From Musk’s talk: (Musk, for the record, had just flown in, and his jazzy SpaceX videos, e-mailed prior, for some reason couldn’t be coaxed to work. So he went a capella. Where Stern is straight-talking, go-getting American in his delivery, Musk’s South African background lends a British sensibility; soft spoken; very wry wit also).

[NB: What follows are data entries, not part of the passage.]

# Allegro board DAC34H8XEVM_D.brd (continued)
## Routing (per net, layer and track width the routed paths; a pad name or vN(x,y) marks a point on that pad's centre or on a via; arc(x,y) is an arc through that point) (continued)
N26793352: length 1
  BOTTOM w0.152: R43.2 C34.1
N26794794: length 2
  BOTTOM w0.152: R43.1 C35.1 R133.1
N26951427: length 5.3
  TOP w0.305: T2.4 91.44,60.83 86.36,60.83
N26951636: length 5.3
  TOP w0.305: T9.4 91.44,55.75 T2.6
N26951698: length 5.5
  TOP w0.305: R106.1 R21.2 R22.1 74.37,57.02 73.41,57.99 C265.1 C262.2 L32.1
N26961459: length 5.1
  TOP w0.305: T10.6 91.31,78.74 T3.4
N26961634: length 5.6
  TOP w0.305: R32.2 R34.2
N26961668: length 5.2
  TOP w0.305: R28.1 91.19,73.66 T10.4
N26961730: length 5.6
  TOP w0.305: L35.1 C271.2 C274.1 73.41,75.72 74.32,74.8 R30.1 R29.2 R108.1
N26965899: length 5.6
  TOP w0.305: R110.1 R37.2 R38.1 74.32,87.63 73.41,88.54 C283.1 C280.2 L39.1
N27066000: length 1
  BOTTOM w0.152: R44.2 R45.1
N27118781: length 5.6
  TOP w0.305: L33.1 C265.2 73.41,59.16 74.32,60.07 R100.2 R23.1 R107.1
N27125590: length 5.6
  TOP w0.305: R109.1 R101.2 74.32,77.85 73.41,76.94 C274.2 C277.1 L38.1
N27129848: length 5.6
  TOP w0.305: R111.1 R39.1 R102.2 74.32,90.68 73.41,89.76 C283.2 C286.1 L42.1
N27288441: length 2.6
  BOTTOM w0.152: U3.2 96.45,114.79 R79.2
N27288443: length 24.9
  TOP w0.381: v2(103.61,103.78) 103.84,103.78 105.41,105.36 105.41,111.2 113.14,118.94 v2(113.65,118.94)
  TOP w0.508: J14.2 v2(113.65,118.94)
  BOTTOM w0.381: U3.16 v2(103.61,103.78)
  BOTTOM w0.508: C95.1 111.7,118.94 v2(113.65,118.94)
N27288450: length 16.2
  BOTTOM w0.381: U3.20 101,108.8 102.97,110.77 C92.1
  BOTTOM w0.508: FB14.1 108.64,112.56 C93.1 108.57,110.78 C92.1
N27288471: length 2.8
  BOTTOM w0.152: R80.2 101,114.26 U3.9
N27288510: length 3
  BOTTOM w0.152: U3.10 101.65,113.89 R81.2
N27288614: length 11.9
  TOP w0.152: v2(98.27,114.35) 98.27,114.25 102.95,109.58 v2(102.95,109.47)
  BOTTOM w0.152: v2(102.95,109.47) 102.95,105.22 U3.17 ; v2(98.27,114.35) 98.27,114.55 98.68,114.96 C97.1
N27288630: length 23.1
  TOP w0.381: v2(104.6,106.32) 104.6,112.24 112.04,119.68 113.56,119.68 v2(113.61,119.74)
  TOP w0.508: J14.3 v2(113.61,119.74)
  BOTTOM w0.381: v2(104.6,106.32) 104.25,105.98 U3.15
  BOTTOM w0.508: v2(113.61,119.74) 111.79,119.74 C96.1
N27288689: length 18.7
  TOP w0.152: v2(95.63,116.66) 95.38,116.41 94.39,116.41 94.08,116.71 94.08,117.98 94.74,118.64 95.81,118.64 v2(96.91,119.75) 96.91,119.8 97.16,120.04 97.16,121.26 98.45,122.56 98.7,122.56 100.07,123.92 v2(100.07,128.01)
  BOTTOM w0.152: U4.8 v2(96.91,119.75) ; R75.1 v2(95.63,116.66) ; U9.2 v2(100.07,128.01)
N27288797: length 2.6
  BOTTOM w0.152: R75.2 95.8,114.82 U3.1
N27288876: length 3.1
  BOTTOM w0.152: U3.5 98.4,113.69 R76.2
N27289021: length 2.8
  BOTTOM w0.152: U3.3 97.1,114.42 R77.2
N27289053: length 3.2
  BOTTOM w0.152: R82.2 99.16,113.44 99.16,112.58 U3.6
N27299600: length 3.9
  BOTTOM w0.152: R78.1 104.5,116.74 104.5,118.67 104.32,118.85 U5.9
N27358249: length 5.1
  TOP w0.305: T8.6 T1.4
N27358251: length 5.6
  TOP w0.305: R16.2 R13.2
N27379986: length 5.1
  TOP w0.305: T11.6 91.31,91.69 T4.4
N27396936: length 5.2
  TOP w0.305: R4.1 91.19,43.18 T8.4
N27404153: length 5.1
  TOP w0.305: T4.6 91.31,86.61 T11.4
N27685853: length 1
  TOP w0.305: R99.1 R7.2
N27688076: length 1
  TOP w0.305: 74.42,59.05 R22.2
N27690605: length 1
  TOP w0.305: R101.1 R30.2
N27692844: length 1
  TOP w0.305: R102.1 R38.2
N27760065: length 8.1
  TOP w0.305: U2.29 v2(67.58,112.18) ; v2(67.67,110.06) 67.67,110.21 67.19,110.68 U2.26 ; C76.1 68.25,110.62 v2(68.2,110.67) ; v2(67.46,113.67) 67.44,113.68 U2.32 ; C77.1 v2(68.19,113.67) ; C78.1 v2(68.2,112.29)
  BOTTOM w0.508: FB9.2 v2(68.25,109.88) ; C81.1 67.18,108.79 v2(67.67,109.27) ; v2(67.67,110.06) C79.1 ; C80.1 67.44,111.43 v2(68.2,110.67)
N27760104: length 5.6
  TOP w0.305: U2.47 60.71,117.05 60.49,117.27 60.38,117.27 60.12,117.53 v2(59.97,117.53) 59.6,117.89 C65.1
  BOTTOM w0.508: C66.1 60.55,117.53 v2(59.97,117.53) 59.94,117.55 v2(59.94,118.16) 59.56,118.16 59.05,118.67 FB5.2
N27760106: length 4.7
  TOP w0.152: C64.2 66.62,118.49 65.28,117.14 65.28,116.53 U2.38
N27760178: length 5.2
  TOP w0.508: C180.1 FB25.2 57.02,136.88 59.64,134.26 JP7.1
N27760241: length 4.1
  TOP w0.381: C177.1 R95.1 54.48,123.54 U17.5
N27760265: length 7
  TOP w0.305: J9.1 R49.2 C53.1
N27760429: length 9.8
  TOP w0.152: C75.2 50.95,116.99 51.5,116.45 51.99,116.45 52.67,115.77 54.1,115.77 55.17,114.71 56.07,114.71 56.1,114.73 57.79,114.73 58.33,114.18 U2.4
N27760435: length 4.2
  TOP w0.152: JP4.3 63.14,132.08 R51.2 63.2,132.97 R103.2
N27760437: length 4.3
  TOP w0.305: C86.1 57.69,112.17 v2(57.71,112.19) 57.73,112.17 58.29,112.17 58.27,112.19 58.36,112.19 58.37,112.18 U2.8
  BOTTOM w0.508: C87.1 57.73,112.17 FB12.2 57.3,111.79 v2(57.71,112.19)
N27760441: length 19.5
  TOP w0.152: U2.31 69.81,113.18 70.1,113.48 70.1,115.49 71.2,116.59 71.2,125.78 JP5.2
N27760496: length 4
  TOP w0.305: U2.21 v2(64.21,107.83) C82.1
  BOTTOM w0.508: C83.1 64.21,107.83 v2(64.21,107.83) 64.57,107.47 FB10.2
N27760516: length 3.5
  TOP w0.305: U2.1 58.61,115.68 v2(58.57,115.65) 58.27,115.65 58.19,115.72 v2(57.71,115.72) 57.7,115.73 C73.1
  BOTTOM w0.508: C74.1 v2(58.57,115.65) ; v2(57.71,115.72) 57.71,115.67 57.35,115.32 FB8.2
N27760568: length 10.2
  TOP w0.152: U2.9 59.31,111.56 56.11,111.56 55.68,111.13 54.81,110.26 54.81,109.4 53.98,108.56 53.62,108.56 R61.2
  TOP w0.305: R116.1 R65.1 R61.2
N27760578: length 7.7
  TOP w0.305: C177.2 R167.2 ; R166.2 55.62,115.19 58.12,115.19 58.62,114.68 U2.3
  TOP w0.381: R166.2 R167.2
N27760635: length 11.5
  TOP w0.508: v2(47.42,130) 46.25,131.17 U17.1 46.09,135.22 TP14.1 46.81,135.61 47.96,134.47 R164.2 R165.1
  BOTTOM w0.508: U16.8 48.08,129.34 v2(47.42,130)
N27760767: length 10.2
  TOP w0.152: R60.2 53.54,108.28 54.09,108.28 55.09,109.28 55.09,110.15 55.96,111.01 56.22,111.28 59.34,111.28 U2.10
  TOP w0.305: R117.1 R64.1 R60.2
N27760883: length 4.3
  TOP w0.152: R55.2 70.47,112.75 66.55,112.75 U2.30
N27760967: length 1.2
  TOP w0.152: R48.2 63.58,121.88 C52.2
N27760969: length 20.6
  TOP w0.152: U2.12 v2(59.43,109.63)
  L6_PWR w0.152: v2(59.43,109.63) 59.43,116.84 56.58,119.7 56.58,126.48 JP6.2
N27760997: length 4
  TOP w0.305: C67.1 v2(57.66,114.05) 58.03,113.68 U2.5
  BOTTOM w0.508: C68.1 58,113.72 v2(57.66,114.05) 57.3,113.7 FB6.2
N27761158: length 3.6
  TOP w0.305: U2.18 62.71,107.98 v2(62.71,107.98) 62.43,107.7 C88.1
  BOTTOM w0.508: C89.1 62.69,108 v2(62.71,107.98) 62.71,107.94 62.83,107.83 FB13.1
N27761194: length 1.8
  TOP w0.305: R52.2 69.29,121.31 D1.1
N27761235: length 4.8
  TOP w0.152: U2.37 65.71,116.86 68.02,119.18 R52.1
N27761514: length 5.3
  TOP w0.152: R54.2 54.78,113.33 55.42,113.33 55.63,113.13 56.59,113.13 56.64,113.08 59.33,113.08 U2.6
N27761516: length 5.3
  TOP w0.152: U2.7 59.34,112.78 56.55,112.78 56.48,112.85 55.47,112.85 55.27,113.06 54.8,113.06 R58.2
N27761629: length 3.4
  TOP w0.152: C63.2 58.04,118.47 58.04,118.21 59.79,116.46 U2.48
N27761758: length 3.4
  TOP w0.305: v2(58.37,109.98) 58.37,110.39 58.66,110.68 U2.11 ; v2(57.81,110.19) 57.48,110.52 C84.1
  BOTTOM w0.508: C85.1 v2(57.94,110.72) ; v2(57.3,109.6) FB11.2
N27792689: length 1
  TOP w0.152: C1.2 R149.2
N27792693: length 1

  • The lessons of history, Musk said, are important in setting one’s own priorities, or that of a business. Looking back, the less important stuff falls away. Musk is talking big, big picture here, citing the emergence of single-celled life, the evolution of creatures with differentiated cells, and the transition of life from oceans to land being “important.” Where does SpaceX come in? He views life becoming multiplanetary as a similarly important moment — perhaps more important than the oceans-to-land transition, “because you have to travel hundreds of millions of miles across irradiated space to do it.” Musk says he’s happy to take payloads to the moon, but he’s most interested in Mars. “Mars is a real planet. There’s water almost everywhere, the red is iron oxide.” To get there, launch costs need to be at most $100 a pound, he believes (they’re at $1,000 a pound now).
  • “That’s why I’m into space. To advance the technology of space travel and set us on a path to make that happen.”
  • As far as what we should spend on going multiplanetary, Musk said maybe a quarter of a percent on GDP per year — less than what we spend on health care, but more than we spend on lipstick.
  • Despite his leading Solar City and running a rocket company, Musk is dismissive the idea of space based solar power. “If anybody should be interested in it, it should be me,” Musk said. “But it totally doesn’t work.” The sun’s intensity in orbit is only about double that on a good spot on Earth, and you’d need to orbit equipment to convert photons to electrons and beam it down via microwave radiation, and then convert back to electrons on the ground. “Even if launch costs were free and you could teleport the equipment to Earth orbit–which would be awesome–it still doesn’t work. So we shouldn’t be thinking about it.”
  • The Falcon Heavy, which SpaceX recently announced, can lift 53 metric tons orbit, more than a Boeing 737 with passenger, luggage, fully loaded with fuel. “That’s double the capacity of the space shuttle, the Delta 4 heavy or any other rocket on Earth.” First flight is slated for 2013, he said.
  • The dream of truly inexpensive access to space depends on the creation of what Musk described as “a fully and rapidly reusable” orbit-class rocket. That is, the rocket becomes like the jet plane or the bicycle, which you don’t write off each time you ride it. If it can be done, one can amortize capital costs across “tens of thousands of trips,” making those costs “quite small.” So if a Falcon 9 launch costs $50 million and could fly 1,000 times, you’ve got a capital cost of $50,000 per flight, Musk said, plus propellant (propellant for a Falcon 9 costs about $150,000, equivalent of loading up a Boeing 757, he said).
  • SpaceX hopes to unveil something by the end of this year, Musk said. “But it’s quite tricky, because Earth’s gravity is quite strong.” No rocket has ever carried even 4 percent of its weight to orbit (I’ve described space-bound payloads as the equivalents cats in sedans). Usually it’s 2-3 percent of the total rocket-plus-payload weight that ends up in orbit, Musk explained. And if the rocket’s rapidly reusable, you’ll need to add reentry shielding on the upper stage, hardware for a deorbit burn, final velocity attenuation. . . “In all prior attempts, you come up with negative results. You get negative payload to orbit. Not very helpful,” Musk said.